You might have found this a lot already. Trust me: you will get the grasp of it much faster than you think! I recommend that you do a few of the starting swirl lessons from the R Programming course in order to practice these concepts a bit. You might not see the point of all this at first, because this is like learning inflectional morphology of a new language. A bit boring and useless unless you can build sentences! But you can also try and start building sentences right away by starting with our course first. I still think is a good idea that you do the basic courses at some point, but you’ll might find more motivation if you shuffle the order :)

…and ask for help

When you learn a language, you make mistakes all the time. In natural languages, mistakes do not necessarily prevent communication, because the hearer is collaborative (and a nice person). In programming languages, mistakes make communication fail, because computers are… quite dumb, actually. They have no idea about Gricean rules or anything similar.

So what to do if our code is not working?

  1. Read the error message R gives you. You might not understand most of what it says, but you’ll get better at it. It will give you a clue about where to look.

  2. Most mistakes in your code (especially at the beginning) will be typos: is there a comma missing? Are all brackets and quotation signs closed (and where they should be)? Did you use a capital letter where you shouldn’t? Is everything spelled correctly? Did you run your previous code or simply write it on the script?

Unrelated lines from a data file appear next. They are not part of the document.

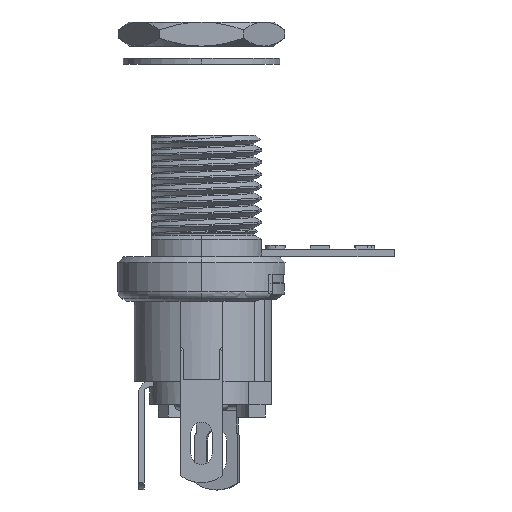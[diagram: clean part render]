
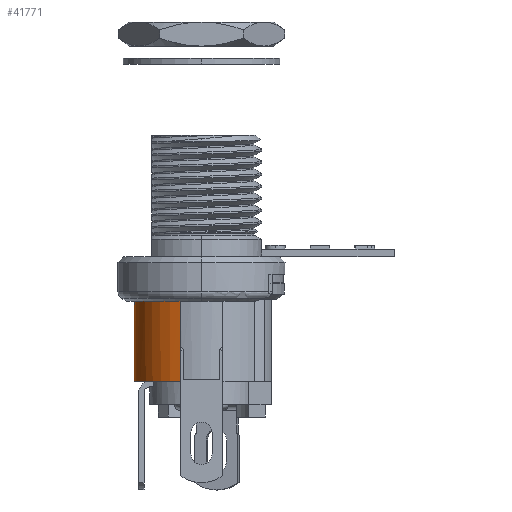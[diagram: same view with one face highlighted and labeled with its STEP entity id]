
A CAD part, left-side view. The second image highlights one B-rep face of the part: STEP entity #41771.
In plain terms, the highlighted cylindrical face has radius 4.445 mm (diameter 8.89 mm), a partial arc.
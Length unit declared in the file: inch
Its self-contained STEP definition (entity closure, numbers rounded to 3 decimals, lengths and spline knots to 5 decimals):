
#22108 = CARTESIAN_POINT ( 'NONE',  ( -0.16597, 0.0555, -0.323 ) ) ;
#22154 = CARTESIAN_POINT ( 'NONE',  ( 0.13406, 0.11249, -0.323 ) ) ;
#22155 = DIRECTION ( 'NONE',  ( 0., -1., 0. ) ) ;
#22156 = DIRECTION ( 'NONE',  ( 0., 0., -1. ) ) ;
#22157 = AXIS2_PLACEMENT_3D ( 'NONE', #22164, #22156, #22155 ) ;
#22158 = CIRCLE ( 'NONE', #22157, 0.175 ) ;
#22164 = CARTESIAN_POINT ( 'NONE',  ( 0., 0., -0.323 ) ) ;
#35972 = VERTEX_POINT ( 'NONE', #22108 ) ;
#35986 = EDGE_CURVE ( 'NONE', #35972, #35991, #22158, .T. ) ;
#35991 = VERTEX_POINT ( 'NONE', #22154 ) ;
#38386 = EDGE_LOOP ( 'NONE', ( #41840, #41847, #41849, #41851, #41857, #41867, #41875, #41934, #41939, #41941, #41945, #41948, #41950 ) ) ;
#40283 = VERTEX_POINT ( 'NONE', #45149 ) ;
#40287 = EDGE_CURVE ( 'NONE', #40289, #40283, #45144, .T. ) ;
#40289 = VERTEX_POINT ( 'NONE', #45136 ) ;
#41294 = VERTEX_POINT ( 'NONE', #47593 ) ;
#41305 = EDGE_CURVE ( 'NONE', #41352, #41294, #47577, .T. ) ;
#41349 = EDGE_CURVE ( 'NONE', #41352, #35991, #47725, .T. ) ;
#41352 = VERTEX_POINT ( 'NONE', #47719 ) ;
#41360 = VERTEX_POINT ( 'NONE', #47840 ) ;
#41379 = EDGE_CURVE ( 'NONE', #41294, #41382, #47821, .T. ) ;
#41382 = VERTEX_POINT ( 'NONE', #47806 ) ;
#41456 = EDGE_CURVE ( 'NONE', #41360, #41457, #48018, .T. ) ;
#41457 = VERTEX_POINT ( 'NONE', #48010 ) ;
#41481 = EDGE_CURVE ( 'NONE', #41483, #41382, #48095, .T. ) ;
#41483 = VERTEX_POINT ( 'NONE', #48088 ) ;
#41506 = EDGE_CURVE ( 'NONE', #41360, #41483, #48150, .T. ) ;
#41517 = EDGE_CURVE ( 'NONE', #41519, #41520, #48257, .T. ) ;
#41519 = VERTEX_POINT ( 'NONE', #48249 ) ;
#41520 = VERTEX_POINT ( 'NONE', #48246 ) ;
#41767 = EDGE_CURVE ( 'NONE', #40283, #41519, #49079, .T. ) ;
#41771 = ADVANCED_FACE ( 'NONE', ( #49073 ), #49065, .T. ) ;
#41840 = ORIENTED_EDGE ( 'NONE', *, *, #41842, .F. ) ;
#41842 = EDGE_CURVE ( 'NONE', #40289, #35972, #49397, .T. ) ;
#41847 = ORIENTED_EDGE ( 'NONE', *, *, #40287, .T. ) ;
#41849 = ORIENTED_EDGE ( 'NONE', *, *, #41767, .T. ) ;
#41851 = ORIENTED_EDGE ( 'NONE', *, *, #41517, .T. ) ;
#41857 = ORIENTED_EDGE ( 'NONE', *, *, #41862, .T. ) ;
#41862 = EDGE_CURVE ( 'NONE', #41520, #41863, #49520, .T. ) ;
#41863 = VERTEX_POINT ( 'NONE', #49506 ) ;
#41867 = ORIENTED_EDGE ( 'NONE', *, *, #41869, .T. ) ;
#41869 = EDGE_CURVE ( 'NONE', #41863, #41457, #49500, .T. ) ;
#41875 = ORIENTED_EDGE ( 'NONE', *, *, #41456, .F. ) ;
#41934 = ORIENTED_EDGE ( 'NONE', *, *, #41506, .T. ) ;
#41939 = ORIENTED_EDGE ( 'NONE', *, *, #41481, .T. ) ;
#41941 = ORIENTED_EDGE ( 'NONE', *, *, #41379, .F. ) ;
#41945 = ORIENTED_EDGE ( 'NONE', *, *, #41305, .F. ) ;
#41948 = ORIENTED_EDGE ( 'NONE', *, *, #41349, .T. ) ;
#41950 = ORIENTED_EDGE ( 'NONE', *, *, #35986, .F. ) ;
#45136 = CARTESIAN_POINT ( 'NONE',  ( -0.16597, 0.0555, -0.10974 ) ) ;
#45138 = DIRECTION ( 'NONE',  ( 1., 0., 0. ) ) ;
#45139 = DIRECTION ( 'NONE',  ( 0., 0., -1. ) ) ;
#45140 = CARTESIAN_POINT ( 'NONE',  ( 0., 0., -0.10974 ) ) ;
#45142 = AXIS2_PLACEMENT_3D ( 'NONE', #45140, #45139, #45138 ) ;
#45144 = CIRCLE ( 'NONE', #45142, 0.175 ) ;
#45149 = CARTESIAN_POINT ( 'NONE',  ( 0.10889, -0.137, -0.10974 ) ) ;
#47570 = DIRECTION ( 'NONE',  ( 0., -1., 0. ) ) ;
#47572 = DIRECTION ( 'NONE',  ( 0., 0., -1. ) ) ;
#47574 = CARTESIAN_POINT ( 'NONE',  ( 0., 0., -0.416 ) ) ;
#47575 = AXIS2_PLACEMENT_3D ( 'NONE', #47574, #47572, #47570 ) ;
#47577 = CIRCLE ( 'NONE', #47575, 0.175 ) ;
#47593 = CARTESIAN_POINT ( 'NONE',  ( 0.17407, 0.01806, -0.416 ) ) ;
#47719 = CARTESIAN_POINT ( 'NONE',  ( 0.13406, 0.11249, -0.416 ) ) ;
#47721 = DIRECTION ( 'NONE',  ( 0., 0., 1. ) ) ;
#47722 = VECTOR ( 'NONE', #47721, 39.37008 ) ;
#47723 = CARTESIAN_POINT ( 'NONE',  ( 0.13406, 0.11249, -0.416 ) ) ;
#47725 = LINE ( 'NONE', #47723, #47722 ) ;
#47806 = CARTESIAN_POINT ( 'NONE',  ( 0.17407, 0.01806, -0.323 ) ) ;
#47809 = DIRECTION ( 'NONE',  ( 0., 0., 1. ) ) ;
#47810 = VECTOR ( 'NONE', #47809, 39.37008 ) ;
#47813 = CARTESIAN_POINT ( 'NONE',  ( 0.17407, 0.01806, -0.4526 ) ) ;
#47821 = LINE ( 'NONE', #47813, #47810 ) ;
#47840 = CARTESIAN_POINT ( 'NONE',  ( 0.14171, -0.10268, -0.416 ) ) ;
#48010 = CARTESIAN_POINT ( 'NONE',  ( 0.0575, -0.16528, -0.416 ) ) ;
#48012 = DIRECTION ( 'NONE',  ( 0., -1., 0. ) ) ;
#48014 = DIRECTION ( 'NONE',  ( 0., 0., -1. ) ) ;
#48016 = AXIS2_PLACEMENT_3D ( 'NONE', #48027, #48014, #48012 ) ;
#48018 = CIRCLE ( 'NONE', #48016, 0.175 ) ;
#48027 = CARTESIAN_POINT ( 'NONE',  ( 0., 0., -0.416 ) ) ;
#48088 = CARTESIAN_POINT ( 'NONE',  ( 0.14171, -0.10268, -0.323 ) ) ;
#48090 = DIRECTION ( 'NONE',  ( 0., 1., 0. ) ) ;
#48092 = DIRECTION ( 'NONE',  ( 0., 0., 1. ) ) ;
#48094 = AXIS2_PLACEMENT_3D ( 'NONE', #48112, #48092, #48090 ) ;
#48095 = CIRCLE ( 'NONE', #48094, 0.175 ) ;
#48112 = CARTESIAN_POINT ( 'NONE',  ( 0., 0., -0.323 ) ) ;
#48146 = DIRECTION ( 'NONE',  ( 0., 0., 1. ) ) ;
#48147 = VECTOR ( 'NONE', #48146, 39.37008 ) ;
#48148 = CARTESIAN_POINT ( 'NONE',  ( 0.14171, -0.10268, -0.4526 ) ) ;
#48150 = LINE ( 'NONE', #48148, #48147 ) ;
#48246 = CARTESIAN_POINT ( 'NONE',  ( 0.0575, -0.16528, -0.323 ) ) ;
#48249 = CARTESIAN_POINT ( 'NONE',  ( 0.10889, -0.137, -0.323 ) ) ;
#48251 = DIRECTION ( 'NONE',  ( 0., 1., 0. ) ) ;
#48253 = DIRECTION ( 'NONE',  ( 0., 0., -1. ) ) ;
#48255 = AXIS2_PLACEMENT_3D ( 'NONE', #48266, #48253, #48251 ) ;
#48257 = CIRCLE ( 'NONE', #48255, 0.175 ) ;
#48266 = CARTESIAN_POINT ( 'NONE',  ( 0., 0., -0.323 ) ) ;
#49063 = AXIS2_PLACEMENT_3D ( 'NONE', #49193, #49191, #49189 ) ;
#49065 = CYLINDRICAL_SURFACE ( 'NONE', #49063, 0.175 ) ;
#49073 = FACE_OUTER_BOUND ( 'NONE', #38386, .T. ) ;
#49075 = DIRECTION ( 'NONE',  ( 0., 0., -1. ) ) ;
#49076 = VECTOR ( 'NONE', #49075, 39.37008 ) ;
#49078 = CARTESIAN_POINT ( 'NONE',  ( 0.10889, -0.137, -0.02929 ) ) ;
#49079 = LINE ( 'NONE', #49078, #49076 ) ;
#49189 = DIRECTION ( 'NONE',  ( 0., -1., 0. ) ) ;
#49191 = DIRECTION ( 'NONE',  ( 0., 0., -1. ) ) ;
#49193 = CARTESIAN_POINT ( 'NONE',  ( 0., 0., -0.3797 ) ) ;
#49396 = CARTESIAN_POINT ( 'NONE',  ( -0.16597, 0.0555, -0.0186 ) ) ;
#49397 = LINE ( 'NONE', #49396, #49532 ) ;
#49495 = DIRECTION ( 'NONE',  ( 0., 0., -1. ) ) ;
#49497 = VECTOR ( 'NONE', #49495, 39.37008 ) ;
#49498 = CARTESIAN_POINT ( 'NONE',  ( 0.0575, -0.16528, -0.3797 ) ) ;
#49500 = LINE ( 'NONE', #49498, #49497 ) ;
#49506 = CARTESIAN_POINT ( 'NONE',  ( 0.0575, -0.16528, -0.3832 ) ) ;
#49508 = DIRECTION ( 'NONE',  ( 0., 0., -1. ) ) ;
#49510 = VECTOR ( 'NONE', #49508, 39.37008 ) ;
#49512 = CARTESIAN_POINT ( 'NONE',  ( 0.0575, -0.16528, -0.3797 ) ) ;
#49520 = LINE ( 'NONE', #49512, #49510 ) ;
#49531 = DIRECTION ( 'NONE',  ( 0., 0., -1. ) ) ;
#49532 = VECTOR ( 'NONE', #49531, 39.37008 ) ;

  3. Sometimes it’s hard to find the typos – it helps if someone else looks at it.

  4. Grammatical mistakes: maybe your syntax is wrong, are you sure you’re using that function right?

  5. Run ?function() to get a help file. These files are not always easy to read, but you’ll get better at it too!

  6. If you can’t still figure it out: just ask! We have a forum here! :)

  7. Google it: copy your error message or write what you were trying to do – there are lots of helpful forums! You’ll also get used to understanding their answers.

Coding is a lot of fun, but it can also be a source of frustration… Having someone going through the same process really helps a lot. Try to convince a pal to do this course with you. Your motivation will be better and you will find each other extremely helpful! And remember that you can always ask me!